Work instruction:
What lines of the data hold the string "shapes"? Pull each one out.
━━ Exercise material
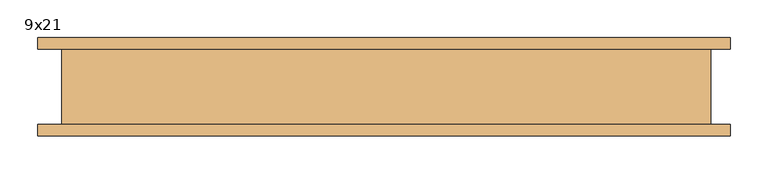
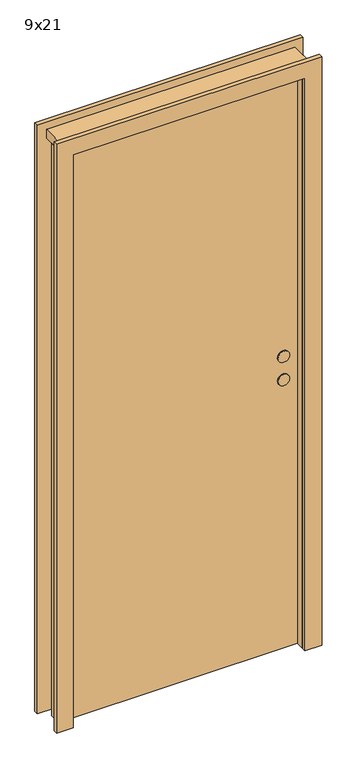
"""IFC4 building model written with IfcOpenShell, lengths in millimetres: door geometry, Innerdor Skyvedor Glatt : 9x21."""

import ifcopenshell
import ifcopenshell.guid

model = None  # the IFC model being written
_history = None  # IfcOwnerHistory: only IFC2X3 demands one
_inside = {}  # id of a spatial element -> (the spatial element, [elements in it])
_under = {}  # id of a project, library or spatial element -> (it, [spatial elements below it])
_declared = {}  # id of a project -> (the project, [libraries it declares])
_typed = {}  # id of a type object -> (the type object, [elements of that type])
_made_of = {}  # id of a material, layer set ... -> (it, [elements and type objects made of it])


def new_model(schema):
    """Start an empty IFC model of exactly this schema.

    Asked for "IFC4X3", IfcOpenShell would pick the latest addendum, in which some entities
    have other attributes; the version numbers below select the first issue.
    IFC2X3 requires an IfcOwnerHistory on every rooted entity: one is made here for all.
    """
    global model, _history
    if schema == "IFC4X3":
        model = ifcopenshell.file(schema_version=(4, 3, 0, 0))
    else:
        model = ifcopenshell.file(schema=schema)
    _inside.clear()
    _under.clear()
    _declared.clear()
    _typed.clear()
    _made_of.clear()
    _history = None
    if model.schema == "IFC2X3":
        org = make("IfcOrganization", Name="unknown")
        user = make(
            "IfcPersonAndOrganization",
            ThePerson=make("IfcPerson", FamilyName="unknown"),
            TheOrganization=org,
        )
        app = make(
            "IfcApplication",
            ApplicationDeveloper=org,
            Version="unknown",
            ApplicationFullName="unknown",
            ApplicationIdentifier="unknown",
        )
        _history = make(
            "IfcOwnerHistory",
            OwningUser=user,
            OwningApplication=app,
            ChangeAction="ADDED",
            CreationDate=0,
        )
    return model


def make(cls, **values):
    """One entity of the class cls with the attributes given. An attribute that is None is left unset."""
    return model.create_entity(
        cls, **{name: value for name, value in values.items() if value is not None}
    )


def rooted(cls, **values):
    """An entity with a GlobalId (a new one), such as an element, a storey or a relation."""
    return make(cls, GlobalId=ifcopenshell.guid.new(), OwnerHistory=_history, **values)


def si_unit(unit_type, name, prefix=None):
    """IfcSIUnit, for example si_unit("LENGTHUNIT", "METRE", prefix="MILLI")."""
    return make("IfcSIUnit", UnitType=unit_type, Prefix=prefix, Name=name)


def assignment(units):
    """IfcUnitAssignment: the units of a project."""
    return None if units is None else make("IfcUnitAssignment", Units=units)


def point(xyz):
    """IfcCartesianPoint."""
    return None if xyz is None else make("IfcCartesianPoint", Coordinates=xyz)


def direction(xyz):
    """IfcDirection."""
    return None if xyz is None else make("IfcDirection", DirectionRatios=xyz)


def frame(location, z_axis=None, x_axis=None):
    """IfcAxis2Placement3D, a coordinate frame: its origin and axes. An axis left out is left unset."""
    return make(
        "IfcAxis2Placement3D",
        Location=point(location),
        Axis=direction(z_axis),
        RefDirection=direction(x_axis),
    )


def frame_2d(location, x_axis=None):
    """IfcAxis2Placement2D, a coordinate frame in the plane: its origin and x axis."""
    return make(
        "IfcAxis2Placement2D", Location=point(location), RefDirection=direction(x_axis)
    )


def origin():
    """The frame at (0, 0, 0) with its axes left unset."""
    return frame((0.0, 0.0, 0.0))


def origin_with_axes():
    """The frame at (0, 0, 0) with the z axis (0, 0, 1) and the x axis (1, 0, 0) written out."""
    return frame((0.0, 0.0, 0.0), z_axis=(0.0, 0.0, 1.0), x_axis=(1.0, 0.0, 0.0))


def place(relative_to, where):
    """IfcLocalPlacement: puts the frame where relative to a parent placement (None: the world)."""
    return make(
        "IfcLocalPlacement", PlacementRelTo=relative_to, RelativePlacement=where
    )


def context(
    kind, dimensions, precision=None, world=None, true_north=None, identifier=None
):
    """IfcGeometricRepresentationContext, for example the 3D "Model" context."""
    return make(
        "IfcGeometricRepresentationContext",
        ContextIdentifier=identifier,
        ContextType=kind,
        CoordinateSpaceDimension=dimensions,
        Precision=precision,
        WorldCoordinateSystem=world,
        TrueNorth=true_north,
    )


def project(units=None, contexts=None):
    """IfcProject with its units and contexts."""
    return rooted(
        "IfcProject",
        Name="project",
        RepresentationContexts=contexts,
        UnitsInContext=assignment(units),
    )


def spatial(cls, under=None, at=None, **own):
    """A site, building, storey or space (cls), placed at a placement, below another one or the project."""
    s = rooted(cls, ObjectPlacement=at, **own)
    if under is not None:
        _under.setdefault(under.id(), (under, []))[1].append(s)
    return s


def polyline(points):
    """IfcPolyline through the points."""
    return make("IfcPolyline", Points=[point(p) for p in points])


def circle_curve(where, radius):
    """IfcCircle in the frame where."""
    return make("IfcCircle", Position=where, Radius=radius)


def trimmed(basis, trim1, trim2, sense, master):
    """IfcTrimmedCurve: the piece of a basis curve between two trims."""
    return make(
        "IfcTrimmedCurve",
        BasisCurve=basis,
        Trim1=trim1,
        Trim2=trim2,
        SenseAgreement=sense,
        MasterRepresentation=master,
    )


def segment(curve, same_sense, transition):
    """IfcCompositeCurveSegment."""
    return make(
        "IfcCompositeCurveSegment",
        Transition=transition,
        SameSense=same_sense,
        ParentCurve=curve,
    )


def composite_curve(segments, self_intersect=None):
    """IfcCompositeCurve: segments joined end to end."""
    return make("IfcCompositeCurve", Segments=segments, SelfIntersect=self_intersect)


def outline(outer, holes=None, kind="AREA"):
    """IfcArbitraryClosedProfileDef: a profile drawn as a closed curve; with holes, ...WithVoids."""
    if holes is None:
        return make("IfcArbitraryClosedProfileDef", ProfileType=kind, OuterCurve=outer)
    return make(
        "IfcArbitraryProfileDefWithVoids",
        ProfileType=kind,
        OuterCurve=outer,
        InnerCurves=holes,
    )


def extrude(swept, where, along, depth):
    """IfcExtrudedAreaSolid: the profile swept, set in the frame where, extruded along a direction by depth."""
    return make(
        "IfcExtrudedAreaSolid",
        SweptArea=swept,
        Position=where,
        ExtrudedDirection=direction(along),
        Depth=depth,
    )


def shape(context_of_items, identifier, shape_type, items):
    """IfcShapeRepresentation: the items that make up one representation, for example the "Body"."""
    return make(
        "IfcShapeRepresentation",
        ContextOfItems=context_of_items,
        RepresentationIdentifier=identifier,
        RepresentationType=shape_type,
        Items=items,
    )


def source(mapping_origin, context_of_items, identifier, shape_type, items):
    """IfcRepresentationMap: a shape defined once, which mapped items show again and again."""
    return make(
        "IfcRepresentationMap",
        MappingOrigin=mapping_origin,
        MappedRepresentation=shape(context_of_items, identifier, shape_type, items),
    )


def transform(
    local_origin,
    x_axis=None,
    y_axis=None,
    z_axis=None,
    scale=None,
    scale2=None,
    scale3=None,
    uniform=True,
):
    """IfcCartesianTransformationOperator3D, or its non-uniform kind. x_axis, y_axis, z_axis: its Axis1, 2, 3."""
    if uniform:
        return make(
            "IfcCartesianTransformationOperator3D",
            Axis1=direction(x_axis),
            Axis2=direction(y_axis),
            LocalOrigin=point(local_origin),
            Scale=scale,
            Axis3=direction(z_axis),
        )
    return make(
        "IfcCartesianTransformationOperator3DnonUniform",
        Axis1=direction(x_axis),
        Axis2=direction(y_axis),
        LocalOrigin=point(local_origin),
        Scale=scale,
        Axis3=direction(z_axis),
        Scale2=scale2,
        Scale3=scale3,
    )


def mapped(mapping_source, mapping_target):
    """IfcMappedItem: shows the shape of a source again, moved by a transform."""
    return make(
        "IfcMappedItem", MappingSource=mapping_source, MappingTarget=mapping_target
    )


def made_of(thing, what):
    """Note that an element or type object is made of a material, layer set ...; save() writes the relation."""
    if what is not None:
        _made_of.setdefault(what.id(), (what, []))[1].append(thing)
    return thing


def element(
    cls,
    number,
    at=None,
    inside=None,
    cuts=None,
    type_object=None,
    material=None,
    context=None,
    identifier="Body",
    shape_type=None,
    held_by="IfcProductDefinitionShape",
    body=None,
    shapes=None,
    **own,
):
    """One element of the class cls, such as IfcWall. Its Tag is "e" and its number.

    at: its placement. inside: the storey or other place that contains it. cuts: it is an
    opening in that element (IfcRelVoidsElement). A single representation is given by context,
    identifier, shape_type and body (its items); several are given by shapes. held_by: the class
    of the entity that holds the representations. save() writes the other relations.
    """
    e = rooted(cls, Tag="e%d" % number, ObjectPlacement=at, **own)
    if body is not None:
        shapes = [shape(context, identifier, shape_type, body)]
    if shapes is not None:
        e.Representation = make(held_by, Representations=shapes)
    if inside is not None:
        _inside.setdefault(inside.id(), (inside, []))[1].append(e)
    if cuts is not None:
        rooted(
            "IfcRelVoidsElement", RelatingBuildingElement=cuts, RelatedOpeningElement=e
        )
    if type_object is not None:
        _typed.setdefault(type_object.id(), (type_object, []))[1].append(e)
    return made_of(e, material)


def aggregate(whole, parts):
    """IfcRelAggregates: a whole, such as a stair, and the parts it consists of."""
    return rooted("IfcRelAggregates", RelatingObject=whole, RelatedObjects=parts)


def save(model, path):
    """Write the relations noted so far, then the file.

    IfcRelAggregates (storeys below a building ...), IfcRelContainedInSpatialStructure (elements
    in a storey), IfcRelDefinesByType, IfcRelAssociatesMaterial and IfcRelDeclares: one each for
    every whole, place, type object, material and project.
    """
    for whole, parts in _under.values():
        aggregate(whole, parts)
    for where, things in _inside.values():
        rooted(
            "IfcRelContainedInSpatialStructure",
            RelatedElements=things,
            RelatingStructure=where,
        )
    for kind, things in _typed.values():
        rooted("IfcRelDefinesByType", RelatedObjects=things, RelatingType=kind)
    for what, things in _made_of.values():
        rooted("IfcRelAssociatesMaterial", RelatedObjects=things, RelatingMaterial=what)
    for by, libraries in _declared.values():
        rooted("IfcRelDeclares", RelatingContext=by, RelatedDefinitions=libraries)
    model.write(path)


def door_9x21_88a7b2ae(model_context):
    return source(origin(), model_context, "Body", "SweptSolid", [
        extrude(outline(polyline([(403.0, -20.0), (-423.0, -20.0), (-423.0, 20.0), (403.0, 20.0), (403.0, -20.0)])), origin_with_axes(), (0.0, 0.0, 1.0), 2088.0),
        extrude(outline(composite_curve([segment(trimmed(circle_curve(frame_2d((980.0, 353.0)), 20.0), [point((980.0, 373.0))], [point((980.0, 333.0))], False, "CARTESIAN"), True, "CONTINUOUS"), segment(trimmed(circle_curve(frame_2d((980.0, 353.0)), 20.0), [point((980.0, 333.0))], [point((980.0, 373.0))], False, "CARTESIAN"), True, "CONTINUOUS")], self_intersect=False)), frame((0.0, -25.0, 0.0), z_axis=(0.0, 1.0, 0.0), x_axis=(0.0, 0.0, 1.0)), (0.0, 0.0, 1.0), 5.0),
        extrude(outline(composite_curve([segment(trimmed(circle_curve(frame_2d((1065.0, 353.0)), 20.0), [point((1065.0, 373.0))], [point((1065.0, 333.0))], False, "CARTESIAN"), True, "CONTINUOUS"), segment(trimmed(circle_curve(frame_2d((1065.0, 353.0)), 20.0), [point((1065.0, 333.0))], [point((1065.0, 373.0))], False, "CARTESIAN"), True, "CONTINUOUS")], self_intersect=False)), frame((0.0, -25.0, 0.0), z_axis=(0.0, 1.0, 0.0), x_axis=(0.0, 0.0, 1.0)), (0.0, 0.0, 1.0), 5.0),
        extrude(outline(composite_curve([segment(trimmed(circle_curve(frame_2d((980.0, 353.0)), 20.0), [point((980.0, 373.0))], [point((980.0, 333.0))], False, "CARTESIAN"), True, "CONTINUOUS"), segment(trimmed(circle_curve(frame_2d((980.0, 353.0)), 20.0), [point((980.0, 333.0))], [point((980.0, 373.0))], False, "CARTESIAN"), True, "CONTINUOUS")], self_intersect=False)), frame((0.0, 20.0, 0.0), z_axis=(0.0, 1.0, 0.0), x_axis=(0.0, 0.0, 1.0)), (0.0, 0.0, 1.0), 5.0),
        extrude(outline(composite_curve([segment(trimmed(circle_curve(frame_2d((1065.0, 353.0)), 20.0), [point((1065.0, 373.0))], [point((1065.0, 333.0))], False, "CARTESIAN"), True, "CONTINUOUS"), segment(trimmed(circle_curve(frame_2d((1065.0, 353.0)), 20.0), [point((1065.0, 333.0))], [point((1065.0, 373.0))], False, "CARTESIAN"), True, "CONTINUOUS")], self_intersect=False)), frame((0.0, 20.0, 0.0), z_axis=(0.0, 1.0, 0.0), x_axis=(0.0, 0.0, 1.0)), (0.0, 0.0, 1.0), 5.0),
        extrude(outline(polyline([(0.0, 403.0), (0.0, 435.0), (2120.0, 435.0), (2120.0, -423.0), (2088.0, -423.0), (2088.0, 403.0), (0.0, 403.0)])), frame((0.0, -50.0, 0.0), z_axis=(0.0, 1.0, 0.0), x_axis=(0.0, 0.0, 1.0)), (0.0, 0.0, 1.0), 100.0),
        extrude(outline(polyline([(0.0, 403.0), (0.0, 461.0), (2146.0, 461.0), (2146.0, -455.0), (0.0, -455.0), (0.0, -397.0), (2088.0, -397.0), (2088.0, 403.0), (0.0, 403.0)])), frame((0.0, 50.0, 0.0), z_axis=(0.0, 1.0, 0.0), x_axis=(0.0, 0.0, 1.0)), (0.0, 0.0, 1.0), 15.0),
        extrude(outline(polyline([(0.0, 403.0), (0.0, 461.0), (2146.0, 461.0), (2146.0, -455.0), (0.0, -455.0), (0.0, -397.0), (2088.0, -397.0), (2088.0, 403.0), (0.0, 403.0)])), frame((0.0, -65.0, 0.0), z_axis=(0.0, 1.0, 0.0), x_axis=(0.0, 0.0, 1.0)), (0.0, 0.0, 1.0), 15.0),
    ])


if __name__ == "__main__":
    model = new_model("IFC4")
    model_context = context("Model", 3, world=origin())
    ifc_project = project(units=[si_unit("LENGTHUNIT", "METRE", prefix="MILLI")], contexts=[model_context])
    site = spatial("IfcSite", under=ifc_project)
    building = spatial("IfcBuilding", under=site)
    placement = place(None, origin())
    door_9x21_shape = door_9x21_88a7b2ae(model_context)
    element("IfcDoor", 1, ObjectType="Innerdor Skyvedor Glatt : 9x21", at=placement, inside=building, context=model_context, shape_type="MappedRepresentation", body=[
        mapped(door_9x21_shape, transform((0.0, 0.0, 0.0), x_axis=(1.0, 0.0, 0.0), y_axis=(0.0, 1.0, 0.0), z_axis=(0.0, 0.0, 1.0))),
    ])
    save(model, "model.ifc")
━━━━
Response to the task:
    shapes=None,
    identifier, shape_type and body (its items); several are given by shapes. held_by: the class
        shapes = [shape(context, identifier, shape_type, body)]
    if shapes is not None:
        e.Representation = make(held_by, Representations=shapes)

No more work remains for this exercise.